(Beginning of Data for processing)

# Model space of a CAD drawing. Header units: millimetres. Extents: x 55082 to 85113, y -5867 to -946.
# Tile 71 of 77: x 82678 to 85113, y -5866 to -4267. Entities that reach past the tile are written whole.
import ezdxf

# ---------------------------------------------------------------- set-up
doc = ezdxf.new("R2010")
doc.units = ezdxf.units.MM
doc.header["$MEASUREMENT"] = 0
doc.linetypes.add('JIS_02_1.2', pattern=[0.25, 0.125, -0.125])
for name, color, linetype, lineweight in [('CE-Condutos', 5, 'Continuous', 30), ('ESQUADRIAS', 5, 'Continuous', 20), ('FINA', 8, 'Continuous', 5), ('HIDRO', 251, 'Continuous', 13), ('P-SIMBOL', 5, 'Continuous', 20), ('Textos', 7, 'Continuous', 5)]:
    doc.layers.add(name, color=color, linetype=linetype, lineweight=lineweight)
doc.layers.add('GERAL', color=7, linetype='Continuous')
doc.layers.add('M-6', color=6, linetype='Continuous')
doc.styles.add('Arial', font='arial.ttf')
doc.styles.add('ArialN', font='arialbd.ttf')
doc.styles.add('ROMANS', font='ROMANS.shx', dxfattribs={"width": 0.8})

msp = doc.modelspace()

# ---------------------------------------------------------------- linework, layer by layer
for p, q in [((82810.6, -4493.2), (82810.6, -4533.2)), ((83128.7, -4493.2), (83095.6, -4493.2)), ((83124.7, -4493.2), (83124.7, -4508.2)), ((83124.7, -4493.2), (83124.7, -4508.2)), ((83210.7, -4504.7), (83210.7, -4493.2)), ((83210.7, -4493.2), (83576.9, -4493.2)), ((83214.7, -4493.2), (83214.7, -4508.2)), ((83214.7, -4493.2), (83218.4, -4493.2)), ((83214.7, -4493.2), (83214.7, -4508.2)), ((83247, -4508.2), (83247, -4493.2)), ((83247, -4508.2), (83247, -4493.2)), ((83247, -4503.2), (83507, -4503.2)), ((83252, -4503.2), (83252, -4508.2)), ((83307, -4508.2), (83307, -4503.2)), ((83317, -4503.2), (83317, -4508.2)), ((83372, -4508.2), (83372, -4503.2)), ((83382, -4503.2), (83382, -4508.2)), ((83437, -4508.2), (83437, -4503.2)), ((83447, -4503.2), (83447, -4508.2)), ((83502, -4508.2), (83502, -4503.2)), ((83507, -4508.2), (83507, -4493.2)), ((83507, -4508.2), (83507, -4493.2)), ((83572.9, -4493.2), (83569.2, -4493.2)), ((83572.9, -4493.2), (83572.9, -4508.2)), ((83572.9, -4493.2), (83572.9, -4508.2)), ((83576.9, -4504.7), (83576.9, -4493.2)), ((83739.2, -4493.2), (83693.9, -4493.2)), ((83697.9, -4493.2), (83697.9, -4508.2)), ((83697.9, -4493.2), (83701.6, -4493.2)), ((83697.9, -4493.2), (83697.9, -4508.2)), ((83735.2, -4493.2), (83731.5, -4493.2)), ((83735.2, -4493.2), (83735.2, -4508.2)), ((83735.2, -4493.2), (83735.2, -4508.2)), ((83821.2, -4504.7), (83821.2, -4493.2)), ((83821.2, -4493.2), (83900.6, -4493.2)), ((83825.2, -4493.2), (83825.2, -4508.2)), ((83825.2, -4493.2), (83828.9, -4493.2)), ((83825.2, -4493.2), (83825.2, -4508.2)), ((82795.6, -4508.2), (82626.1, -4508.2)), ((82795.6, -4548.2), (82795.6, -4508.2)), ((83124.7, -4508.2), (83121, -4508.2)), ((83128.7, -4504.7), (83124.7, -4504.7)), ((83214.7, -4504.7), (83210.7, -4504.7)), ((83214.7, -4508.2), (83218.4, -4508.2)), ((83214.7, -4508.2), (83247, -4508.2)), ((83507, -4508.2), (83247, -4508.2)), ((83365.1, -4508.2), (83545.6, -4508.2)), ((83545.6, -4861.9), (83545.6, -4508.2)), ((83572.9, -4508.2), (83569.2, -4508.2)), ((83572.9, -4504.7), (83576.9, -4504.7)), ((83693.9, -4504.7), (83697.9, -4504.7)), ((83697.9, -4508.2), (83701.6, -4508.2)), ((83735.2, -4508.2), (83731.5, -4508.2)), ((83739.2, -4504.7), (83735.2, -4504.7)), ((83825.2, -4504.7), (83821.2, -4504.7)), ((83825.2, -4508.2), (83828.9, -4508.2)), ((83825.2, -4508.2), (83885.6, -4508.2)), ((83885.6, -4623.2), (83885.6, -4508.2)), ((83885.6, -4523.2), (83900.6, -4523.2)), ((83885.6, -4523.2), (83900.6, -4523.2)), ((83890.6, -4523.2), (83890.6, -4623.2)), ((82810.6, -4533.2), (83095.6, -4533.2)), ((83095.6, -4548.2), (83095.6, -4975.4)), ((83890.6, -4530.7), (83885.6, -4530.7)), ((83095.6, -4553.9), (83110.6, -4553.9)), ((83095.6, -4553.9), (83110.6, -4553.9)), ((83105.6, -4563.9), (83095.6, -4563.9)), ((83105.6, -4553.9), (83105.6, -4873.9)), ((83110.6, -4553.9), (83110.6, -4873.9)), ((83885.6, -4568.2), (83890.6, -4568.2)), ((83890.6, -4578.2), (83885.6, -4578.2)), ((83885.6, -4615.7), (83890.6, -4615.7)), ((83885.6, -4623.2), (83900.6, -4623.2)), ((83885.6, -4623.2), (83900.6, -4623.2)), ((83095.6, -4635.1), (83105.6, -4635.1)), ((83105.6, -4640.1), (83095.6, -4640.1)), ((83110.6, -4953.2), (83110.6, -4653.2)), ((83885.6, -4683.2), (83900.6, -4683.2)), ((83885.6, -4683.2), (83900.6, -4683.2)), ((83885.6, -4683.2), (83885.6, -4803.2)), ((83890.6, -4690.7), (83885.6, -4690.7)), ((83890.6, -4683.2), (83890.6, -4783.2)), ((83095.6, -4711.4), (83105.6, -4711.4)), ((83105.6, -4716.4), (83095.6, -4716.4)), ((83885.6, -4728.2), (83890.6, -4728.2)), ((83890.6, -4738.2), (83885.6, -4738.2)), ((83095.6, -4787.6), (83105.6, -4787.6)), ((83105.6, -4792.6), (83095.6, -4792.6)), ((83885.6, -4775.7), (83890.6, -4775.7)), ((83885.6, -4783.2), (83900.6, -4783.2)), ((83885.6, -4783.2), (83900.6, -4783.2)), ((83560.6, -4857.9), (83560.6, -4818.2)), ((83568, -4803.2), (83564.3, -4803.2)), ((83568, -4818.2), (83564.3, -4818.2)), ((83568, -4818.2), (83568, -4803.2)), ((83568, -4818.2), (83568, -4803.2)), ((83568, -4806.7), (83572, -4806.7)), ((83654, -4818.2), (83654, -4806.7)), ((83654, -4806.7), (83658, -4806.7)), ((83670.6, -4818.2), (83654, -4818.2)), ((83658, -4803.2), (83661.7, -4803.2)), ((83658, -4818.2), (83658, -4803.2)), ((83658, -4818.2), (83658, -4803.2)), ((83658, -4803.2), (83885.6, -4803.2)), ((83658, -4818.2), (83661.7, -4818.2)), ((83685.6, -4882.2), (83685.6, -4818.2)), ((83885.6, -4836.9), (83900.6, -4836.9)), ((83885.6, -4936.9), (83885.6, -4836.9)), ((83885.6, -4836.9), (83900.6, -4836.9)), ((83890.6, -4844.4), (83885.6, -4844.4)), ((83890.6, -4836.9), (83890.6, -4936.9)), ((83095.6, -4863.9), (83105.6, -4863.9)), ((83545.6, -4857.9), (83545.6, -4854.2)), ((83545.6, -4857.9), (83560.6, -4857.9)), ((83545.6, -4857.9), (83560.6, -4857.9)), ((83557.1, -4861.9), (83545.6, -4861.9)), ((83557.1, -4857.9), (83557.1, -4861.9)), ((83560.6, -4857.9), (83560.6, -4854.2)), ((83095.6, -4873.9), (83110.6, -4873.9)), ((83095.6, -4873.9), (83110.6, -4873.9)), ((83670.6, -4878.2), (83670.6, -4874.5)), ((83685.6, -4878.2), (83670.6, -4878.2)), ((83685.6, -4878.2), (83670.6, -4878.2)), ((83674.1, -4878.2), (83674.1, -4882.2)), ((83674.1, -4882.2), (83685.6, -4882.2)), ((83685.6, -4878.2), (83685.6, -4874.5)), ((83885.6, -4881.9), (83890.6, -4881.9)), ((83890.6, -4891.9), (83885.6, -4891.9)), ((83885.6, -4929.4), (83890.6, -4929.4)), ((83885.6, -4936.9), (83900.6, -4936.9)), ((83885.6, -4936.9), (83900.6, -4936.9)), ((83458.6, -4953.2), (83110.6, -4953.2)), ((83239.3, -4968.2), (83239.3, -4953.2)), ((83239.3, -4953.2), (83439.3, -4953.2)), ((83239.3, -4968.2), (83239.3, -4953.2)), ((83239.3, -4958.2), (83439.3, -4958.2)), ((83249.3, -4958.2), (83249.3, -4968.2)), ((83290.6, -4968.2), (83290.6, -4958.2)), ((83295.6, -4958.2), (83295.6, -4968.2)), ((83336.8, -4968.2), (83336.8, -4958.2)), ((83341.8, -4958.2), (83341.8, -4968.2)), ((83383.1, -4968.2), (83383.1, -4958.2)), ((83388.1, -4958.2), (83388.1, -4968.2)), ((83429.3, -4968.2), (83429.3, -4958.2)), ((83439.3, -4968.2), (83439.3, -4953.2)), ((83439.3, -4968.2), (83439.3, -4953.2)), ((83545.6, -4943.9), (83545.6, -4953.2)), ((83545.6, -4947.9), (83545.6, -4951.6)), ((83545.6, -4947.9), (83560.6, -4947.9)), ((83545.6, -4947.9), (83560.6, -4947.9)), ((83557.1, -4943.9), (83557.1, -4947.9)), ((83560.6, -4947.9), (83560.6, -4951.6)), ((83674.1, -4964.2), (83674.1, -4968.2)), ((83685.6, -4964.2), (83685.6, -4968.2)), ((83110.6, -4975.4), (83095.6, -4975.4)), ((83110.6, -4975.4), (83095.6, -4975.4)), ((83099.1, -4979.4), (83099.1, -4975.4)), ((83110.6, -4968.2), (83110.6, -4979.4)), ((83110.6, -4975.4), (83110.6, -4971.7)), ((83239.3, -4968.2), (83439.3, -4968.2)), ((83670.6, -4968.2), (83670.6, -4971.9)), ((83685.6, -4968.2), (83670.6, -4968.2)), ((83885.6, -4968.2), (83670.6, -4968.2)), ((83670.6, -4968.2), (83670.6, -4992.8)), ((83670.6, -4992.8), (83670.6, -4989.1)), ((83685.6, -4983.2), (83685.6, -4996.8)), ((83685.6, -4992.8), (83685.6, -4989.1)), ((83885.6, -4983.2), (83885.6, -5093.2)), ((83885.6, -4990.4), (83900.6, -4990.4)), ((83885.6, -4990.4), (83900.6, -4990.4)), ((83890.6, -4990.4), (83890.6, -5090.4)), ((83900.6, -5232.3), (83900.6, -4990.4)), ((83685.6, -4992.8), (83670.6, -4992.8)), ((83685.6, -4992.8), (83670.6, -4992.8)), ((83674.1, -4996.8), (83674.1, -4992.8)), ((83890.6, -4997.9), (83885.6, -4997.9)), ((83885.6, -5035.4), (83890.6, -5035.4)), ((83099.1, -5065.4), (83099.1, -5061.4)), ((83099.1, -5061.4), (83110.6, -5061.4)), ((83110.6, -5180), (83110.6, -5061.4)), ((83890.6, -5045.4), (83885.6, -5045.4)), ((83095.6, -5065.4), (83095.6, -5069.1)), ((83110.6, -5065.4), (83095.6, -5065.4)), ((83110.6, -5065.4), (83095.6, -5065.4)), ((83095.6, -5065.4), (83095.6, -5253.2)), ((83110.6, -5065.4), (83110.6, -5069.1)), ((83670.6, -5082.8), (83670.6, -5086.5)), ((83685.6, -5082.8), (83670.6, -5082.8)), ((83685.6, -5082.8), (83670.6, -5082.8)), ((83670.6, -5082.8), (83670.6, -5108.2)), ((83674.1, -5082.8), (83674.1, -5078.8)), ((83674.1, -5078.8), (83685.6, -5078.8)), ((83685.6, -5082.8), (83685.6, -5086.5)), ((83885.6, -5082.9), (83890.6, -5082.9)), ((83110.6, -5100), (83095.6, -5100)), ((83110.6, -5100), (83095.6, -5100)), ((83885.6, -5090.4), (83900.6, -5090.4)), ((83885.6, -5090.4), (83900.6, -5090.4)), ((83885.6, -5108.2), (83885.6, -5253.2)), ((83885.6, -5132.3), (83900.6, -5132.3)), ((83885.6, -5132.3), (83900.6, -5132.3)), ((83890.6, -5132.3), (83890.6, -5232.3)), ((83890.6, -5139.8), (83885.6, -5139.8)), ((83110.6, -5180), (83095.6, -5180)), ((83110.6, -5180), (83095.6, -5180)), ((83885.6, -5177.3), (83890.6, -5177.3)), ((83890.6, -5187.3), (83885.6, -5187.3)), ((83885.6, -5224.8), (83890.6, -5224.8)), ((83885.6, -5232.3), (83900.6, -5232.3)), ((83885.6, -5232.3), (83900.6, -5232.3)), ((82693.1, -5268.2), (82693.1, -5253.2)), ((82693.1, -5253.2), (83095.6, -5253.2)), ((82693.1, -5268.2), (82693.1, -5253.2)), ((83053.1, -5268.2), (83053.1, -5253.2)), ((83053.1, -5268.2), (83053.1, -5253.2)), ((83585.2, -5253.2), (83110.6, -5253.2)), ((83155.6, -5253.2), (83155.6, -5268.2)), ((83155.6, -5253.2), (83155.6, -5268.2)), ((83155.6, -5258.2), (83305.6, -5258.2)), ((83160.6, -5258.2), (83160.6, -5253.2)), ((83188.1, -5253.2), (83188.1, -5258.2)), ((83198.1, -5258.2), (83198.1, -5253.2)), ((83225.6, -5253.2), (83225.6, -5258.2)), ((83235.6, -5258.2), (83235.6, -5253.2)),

(End of Data for processing)

• Work order
Report how many lines in the listing above have the string "layers" in them; write the number only.

• Output below
3